WORKING DATA

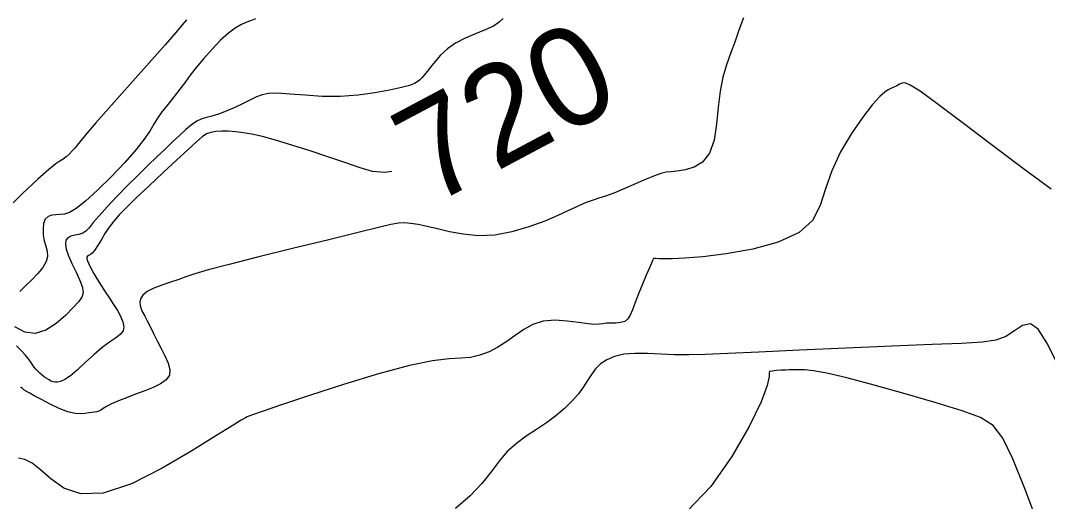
# Model space of a CAD drawing. Extents: x 2566142 to 2571431, y 418755 to 421584.
# Drawn here: x 2568476.3 to 2568684.4, y 419764 to 419861.5 of the extents above; entities that cross this region are included whole.
import ezdxf

# ---------------------------------------------------------------- set-up
doc = ezdxf.new("R2010")
doc.units = 0
for name, color, linetype in [('Contour_ADS_Label_Major', 7, 'Continuous'), ('Contour_ADS_Major', 7, 'Continuous'), ('Contour_ADS_Minor', 7, 'Continuous')]:
    doc.layers.add(name, color=color, linetype=linetype)

msp = doc.modelspace()

# ---------------------------------------------------------------- linework, layer by layer
at = {"layer": 'Contour_ADS_Major'}
msp.add_lwpolyline([(2568551.55, 419830.9), (2568550.13, 419830.68), (2568547.65, 419830.91), (2568545.11, 419831.61), (2568542.21, 419832.62), (2568538.77, 419833.81), (2568535.03, 419835.05), (2568531.33, 419836.22), (2568528.01, 419837.21), (2568525.33, 419837.94), (2568523.21, 419838.43), (2568521.47, 419838.74), (2568519.94, 419838.93), (2568518.49, 419839.03), (2568517.14, 419839.06), (2568515.92, 419838.99), (2568514.88, 419838.81), (2568514.02, 419838.5), (2568513.14, 419837.92), (2568511.98, 419836.92), (2568510.3, 419835.36), (2568507.95, 419833.16), (2568505.17, 419830.58), (2568502.33, 419827.92), (2568499.78, 419825.52), (2568497.8, 419823.62), (2568496.33, 419822.12), (2568495.2, 419820.84), (2568494.28, 419819.61), (2568493.43, 419818.3), (2568492.65, 419816.99), (2568491.95, 419815.81), (2568491.34, 419814.89), (2568490.83, 419814.31), (2568490.42, 419814), (2568490.11, 419813.85), (2568489.9, 419813.73), (2568489.78, 419813.55), (2568489.76, 419813.26), (2568489.88, 419812.8), (2568490.15, 419812.15), (2568490.59, 419811.28), (2568491.17, 419810.22), (2568491.86, 419809.04), (2568492.65, 419807.78), (2568493.49, 419806.5), (2568494.34, 419805.23), (2568495.18, 419803.97), (2568495.95, 419802.74), (2568496.6, 419801.55), (2568497.07, 419800.45), (2568497.27, 419799.45), (2568497.11, 419798.58), (2568496.54, 419797.85), (2568495.6, 419797.14), (2568494.36, 419796.32), (2568492.87, 419795.24), (2568491.22, 419793.83), (2568489.52, 419792.25), (2568487.9, 419790.74), (2568486.46, 419789.51), (2568485.32, 419788.74), (2568484.45, 419788.35), (2568483.79, 419788.23), (2568483.32, 419788.24), (2568482.97, 419788.28), (2568482.69, 419788.35), (2568482.42, 419788.47), (2568482.1, 419788.66), (2568481.69, 419788.92), (2568481.21, 419789.25), (2568480.71, 419789.62), (2568480.23, 419790.01), (2568479.81, 419790.41), (2568479.44, 419790.82), (2568479.11, 419791.22), (2568478.83, 419791.62), (2568478.58, 419792.03), (2568478.29, 419792.48), (2568477.88, 419793.03), (2568477.3, 419793.73), (2568476.49, 419794.6), (2568475.53, 419795.54)], dxfattribs=at)
at = {"layer": 'Contour_ADS_Minor'}
for points in [[(2568509.95, 419861.59), (2568509.11, 419860.57), (2568507.79, 419859.01), (2568505.62, 419856.52), (2568502.39, 419852.88), (2568498.56, 419848.58), (2568494.76, 419844.31), (2568491.59, 419840.73), (2568489.53, 419838.35), (2568488.38, 419836.97), (2568487.78, 419836.2), (2568487.37, 419835.69), (2568486.86, 419835.11), (2568486.24, 419834.48), (2568485.58, 419833.87), (2568484.94, 419833.37), (2568484.32, 419832.97), (2568483.48, 419832.4), (2568482.09, 419831.31), (2568479.86, 419829.35), (2568476.64, 419826.34), (2568472.92, 419822.73)], [(2568523.92, 419861.83), (2568522.94, 419861.4), (2568521.97, 419861.03), (2568520.95, 419860.59), (2568519.79, 419859.94), (2568518.44, 419858.92), (2568516.85, 419857.45), (2568515.14, 419855.66), (2568513.45, 419853.77), (2568511.94, 419851.96), (2568510.73, 419850.41), (2568509.73, 419849.06), (2568508.84, 419847.84), (2568507.94, 419846.65), (2568506.96, 419845.44), (2568505.94, 419844.19), (2568504.96, 419842.94), (2568504.08, 419841.69), (2568503.33, 419840.45), (2568502.51, 419839.08), (2568501.4, 419837.42), (2568499.75, 419835.31), (2568497.43, 419832.69), (2568494.69, 419829.82), (2568491.91, 419827.09), (2568489.46, 419824.85), (2568487.6, 419823.39), (2568486.26, 419822.59), (2568485.24, 419822.24), (2568484.36, 419822.15), (2568483.49, 419822.11), (2568482.65, 419822.02), (2568481.91, 419821.77), (2568481.34, 419821.24), (2568481.01, 419820.38), (2568480.89, 419819.28), (2568480.94, 419818.05), (2568481.15, 419816.84), (2568481.45, 419815.74), (2568481.71, 419814.71), (2568481.79, 419813.69), (2568481.53, 419812.62), (2568480.84, 419811.44), (2568479.81, 419810.19), (2568478.6, 419808.93), (2568477.36, 419807.7), (2568476.22, 419806.57)], [(2568574.09, 419861.89), (2568573.32, 419861.12), (2568572.13, 419860.34), (2568570.47, 419859.58), (2568568.51, 419858.79), (2568566.44, 419857.91), (2568564.48, 419856.89), (2568562.81, 419855.7), (2568561.43, 419854.41), (2568560.31, 419853.15), (2568559.41, 419852.02), (2568558.7, 419851.12), (2568558.14, 419850.42), (2568557.67, 419849.88), (2568557.25, 419849.45), (2568556.81, 419849.08), (2568556.17, 419848.72), (2568555.13, 419848.33), (2568553.49, 419847.88), (2568551.1, 419847.33), (2568548.11, 419846.78), (2568544.71, 419846.32), (2568541.09, 419846.08), (2568537.45, 419846.1), (2568533.99, 419846.31), (2568530.91, 419846.56), (2568528.4, 419846.72), (2568526.59, 419846.68), (2568525.27, 419846.43), (2568524.15, 419845.99)], [(2568622.82, 419862), (2568621.9, 419859.52), (2568621.04, 419857.06), (2568620.18, 419854.75), (2568619.36, 419852.45), (2568618.63, 419849.99), (2568618.07, 419847.17), (2568617.7, 419843.9), (2568617.36, 419840.46), (2568616.84, 419837.24), (2568615.94, 419834.59), (2568614.53, 419832.79), (2568612.79, 419831.73), (2568610.99, 419831.19), (2568609.38, 419830.96), (2568608.14, 419830.84), (2568607.12, 419830.71), (2568606.07, 419830.48), (2568604.77, 419830.03), (2568603.06, 419829.32), (2568601.04, 419828.43), (2568598.92, 419827.49), (2568596.87, 419826.64), (2568595.06, 419825.97), (2568593.49, 419825.45), (2568592.12, 419825.01), (2568590.92, 419824.6), (2568589.84, 419824.15), (2568588.68, 419823.59), (2568587.21, 419822.89), (2568585.21, 419821.98), (2568582.54, 419820.84), (2568579.35, 419819.66), (2568575.89, 419818.64), (2568572.4, 419818), (2568569.09, 419817.87), (2568566.03, 419818.17), (2568563.25, 419818.69), (2568560.8, 419819.28), (2568558.69, 419819.77), (2568556.89, 419820.14), (2568555.37, 419820.38), (2568554.1, 419820.48), (2568552.93, 419820.43), (2568551.38, 419820.14), (2568548.84, 419819.54), (2568544.75, 419818.52), (2568538.77, 419817.06), (2568531.7, 419815.34)], [(2568685.13, 419827.27), (2568679.56, 419831.4), (2568673.26, 419836.16), (2568667.11, 419840.82), (2568662, 419844.66), (2568658.59, 419847.13), (2568656.61, 419848.39), (2568655.57, 419848.82), (2568654.98, 419848.77), (2568654.42, 419848.55), (2568653.85, 419848.26), (2568653.26, 419847.95), (2568652.69, 419847.67), (2568652.13, 419847.42), (2568651.43, 419846.98), (2568650.43, 419846.08), (2568648.98, 419844.43), (2568646.98, 419841.86), (2568644.7, 419838.57), (2568642.49, 419834.87), (2568640.68, 419831.04), (2568639.46, 419827.37), (2568638.36, 419823.98), (2568636.78, 419820.98), (2568634.08, 419818.49), (2568629.87, 419816.57), (2568624.7, 419815.17), (2568619.33, 419814.22), (2568614.54, 419813.62), (2568610.91, 419813.3), (2568608.39, 419813.17), (2568606.74, 419813.17), (2568605.7, 419813.21), (2568605.08, 419813.24), (2568604.75, 419813.25), (2568604.61, 419813.23), (2568604.56, 419813.19), (2568604.51, 419813.11), (2568604.4, 419812.88), (2568604.17, 419812.34), (2568603.75, 419811.37), (2568603.12, 419809.88), (2568602.35, 419808.04), (2568601.56, 419806.11), (2568600.86, 419804.33), (2568600.32, 419802.88), (2568599.87, 419801.79), (2568599.38, 419801.02), (2568598.76, 419800.52), (2568597.91, 419800.27), (2568596.93, 419800.17), (2568595.93, 419800.16), (2568595.03, 419800.13), (2568594.3, 419800.05), (2568593.59, 419799.95), (2568592.67, 419799.91), (2568591.32, 419800.01), (2568589.4, 419800.29), (2568587.09, 419800.59), (2568584.62, 419800.74), (2568582.25, 419800.55), (2568580.15, 419799.89), (2568578.28, 419798.87), (2568576.54, 419797.66), (2568574.83, 419796.42), (2568573.06, 419795.3), (2568571.25, 419794.36), (2568569.39, 419793.65), (2568567.52, 419793.21), (2568565.56, 419793.05), (2568563.15, 419792.92), (2568559.82, 419792.53), (2568555.12, 419791.57), (2568548.83, 419789.88), (2568541.74, 419787.72), (2568534.85, 419785.5), (2568529.19, 419783.61), (2568525.51, 419782.36), (2568523.51, 419781.66), (2568522.61, 419781.32), (2568522.25, 419781.16), (2568521.88, 419780.98), (2568521.01, 419780.5), (2568519.18, 419779.39), (2568515.93, 419777.36), (2568511.02, 419774.27), (2568505.04, 419770.77), (2568498.78, 419767.64), (2568493.07, 419765.72), (2568488.53, 419765.56), (2568485.07, 419766.74)], [(2568524.15, 419845.99), (2568522.95, 419845.39), (2568521.45, 419844.64), (2568519.75, 419843.85), (2568518.02, 419843.1), (2568516.44, 419842.5), (2568515.12, 419842.11), (2568514.02, 419841.83), (2568513.03, 419841.53), (2568512.05, 419841.07), (2568510.98, 419840.34), (2568509.82, 419839.36), (2568508.54, 419838.19), (2568507.15, 419836.86), (2568505.63, 419835.42), (2568503.96, 419833.85), (2568502.14, 419832.1), (2568500.15, 419830.16), (2568498.01, 419828.02), (2568495.86, 419825.82), (2568493.88, 419823.73), (2568492.24, 419821.92), (2568491.07, 419820.52), (2568490.24, 419819.5), (2568489.59, 419818.8), (2568488.94, 419818.37), (2568488.16, 419818.12), (2568487.32, 419817.96), (2568486.53, 419817.78), (2568485.89, 419817.47), (2568485.51, 419816.95), (2568485.41, 419816.18), (2568485.58, 419815.14), (2568486.03, 419813.82), (2568486.75, 419812.22), (2568487.57, 419810.5), (2568488.34, 419808.83), (2568488.88, 419807.4), (2568489.04, 419806.32), (2568488.78, 419805.43), (2568488.09, 419804.5), (2568486.97, 419803.3), (2568485.43, 419801.73), (2568483.56, 419800.07), (2568481.48, 419798.71), (2568479.31, 419798.05), (2568477.18, 419798.36), (2568475.17, 419799.39)], [(2568531.7, 419815.34), (2568524.61, 419813.6), (2568518.57, 419812.07), (2568514.35, 419810.94), (2568511.65, 419810.13), (2568509.85, 419809.52), (2568508.37, 419809), (2568506.73, 419808.46), (2568504.99, 419807.87), (2568503.36, 419807.24), (2568502.02, 419806.57), (2568501.14, 419805.85), (2568500.66, 419805.12), (2568500.49, 419804.4), (2568500.55, 419803.71), (2568500.75, 419803.05), (2568501.06, 419802.38), (2568501.49, 419801.61), (2568502.01, 419800.65), (2568502.61, 419799.46), (2568503.28, 419798.09), (2568504.01, 419796.59), (2568504.79, 419795.05), (2568505.57, 419793.53), (2568506.22, 419792.08), (2568506.58, 419790.75), (2568506.5, 419789.6), (2568505.85, 419788.65), (2568504.72, 419787.86), (2568503.23, 419787.16), (2568501.5, 419786.48), (2568499.65, 419785.78), (2568497.82, 419785.07), (2568496.15, 419784.4), (2568494.77, 419783.79), (2568493.77, 419783.28), (2568493.09, 419782.87), (2568492.61, 419782.56), (2568492.21, 419782.34), (2568491.79, 419782.21), (2568491.33, 419782.13), (2568490.79, 419782.07), (2568490.17, 419781.98), (2568489.43, 419781.85), (2568488.52, 419781.77), (2568487.38, 419781.84), (2568485.94, 419782.19), (2568484.19, 419782.87), (2568482.32, 419783.76), (2568480.55, 419784.68), (2568479.11, 419785.46), (2568478.18, 419785.97), (2568477.66, 419786.25), (2568477.42, 419786.38), (2568477.32, 419786.44), (2568477.22, 419786.5), (2568477.12, 419786.57), (2568477.02, 419786.64), (2568476.93, 419786.71), (2568476.85, 419786.79), (2568476.79, 419786.86), (2568476.73, 419786.93), (2568476.68, 419787), (2568476.64, 419787.06), (2568476.6, 419787.12), (2568476.57, 419787.16), (2568476.53, 419787.17), (2568476.48, 419787.16), (2568476.41, 419787.11), (2568476.3, 419787.01)], [(2568686.27, 419792.2), (2568684.3, 419796.19), (2568682.55, 419798.97), (2568680.93, 419800), (2568679.35, 419799.67), (2568677.73, 419798.61), (2568675.99, 419797.46), (2568673.95, 419796.69), (2568671.14, 419796.28), (2568667.01, 419796.05), (2568661.03, 419795.84), (2568652.91, 419795.52), (2568643.56, 419795.11), (2568634.16, 419794.68), (2568625.89, 419794.29), (2568619.63, 419794), (2568615.1, 419793.81), (2568611.71, 419793.73), (2568608.86, 419793.76), (2568606.09, 419793.87), (2568603.38, 419793.99), (2568600.85, 419794.02), (2568598.6, 419793.85), (2568596.7, 419793.42), (2568595.14, 419792.75), (2568593.87, 419791.89), (2568592.84, 419790.88), (2568591.99, 419789.76), (2568591.21, 419788.55), (2568590.38, 419787.25), (2568589.37, 419785.86), (2568588.09, 419784.4), (2568586.55, 419782.91), (2568584.81, 419781.42), (2568582.9, 419779.99), (2568580.87, 419778.63), (2568578.8, 419777.27), (2568576.8, 419775.81), (2568574.96, 419774.15), (2568573.31, 419772.22), (2568571.67, 419770.04), (2568569.8, 419767.68), (2568567.44, 419765.2), (2568564.47, 419762.65)], [(2568682.64, 419759.12), (2568679.86, 419766.47), (2568677.36, 419772.7), (2568675.36, 419776.89), (2568673.4, 419779.43), (2568670.86, 419781.03), (2568667.13, 419782.38), (2568661.83, 419784.02), (2568655.59, 419785.86), (2568649.28, 419787.63), (2568643.77, 419789.08), (2568639.72, 419790.01), (2568637, 419790.5), (2568635.25, 419790.69), (2568634.14, 419790.72), (2568633.34, 419790.72), (2568632.7, 419790.71), (2568632.08, 419790.69), (2568631.34, 419790.66), (2568630.42, 419790.61), (2568629.44, 419790.54), (2568628.61, 419790.46), (2568628.11, 419790.34), (2568628.04, 419790.1), (2568628.03, 419789.34), (2568627.64, 419787.56), (2568626.38, 419784.26), (2568623.94, 419779.2), (2568620.44, 419773.14), (2568616.18, 419767.09), (2568611.43, 419762.06)], [(2568485.07, 419766.74), (2568482.44, 419768.6), (2568480.39, 419770.46), (2568478.69, 419771.79), (2568477.23, 419772.55), (2568475.95, 419772.84)]]:
    msp.add_lwpolyline(points, dxfattribs=at)

# ---------------------------------------------------------------- texts
at = {"layer": 'Contour_ADS_Label_Major'}
msp.add_text('720', height=20, rotation=28.0184, dxfattribs=at).set_placement((2568559.43, 419823.76))

doc.saveas('drawing.dxf')

PROBLEM DESCRIPTION
The answer consists of the lines above that include the word "linetype", each copied exactly.

RESULT OF THE EXERCISE
for name, color, linetype in [('Contour_ADS_Label_Major', 7, 'Continuous'), ('Contour_ADS_Major', 7, 'Continuous'), ('Contour_ADS_Minor', 7, 'Continuous')]:
    doc.layers.add(name, color=color, linetype=linetype)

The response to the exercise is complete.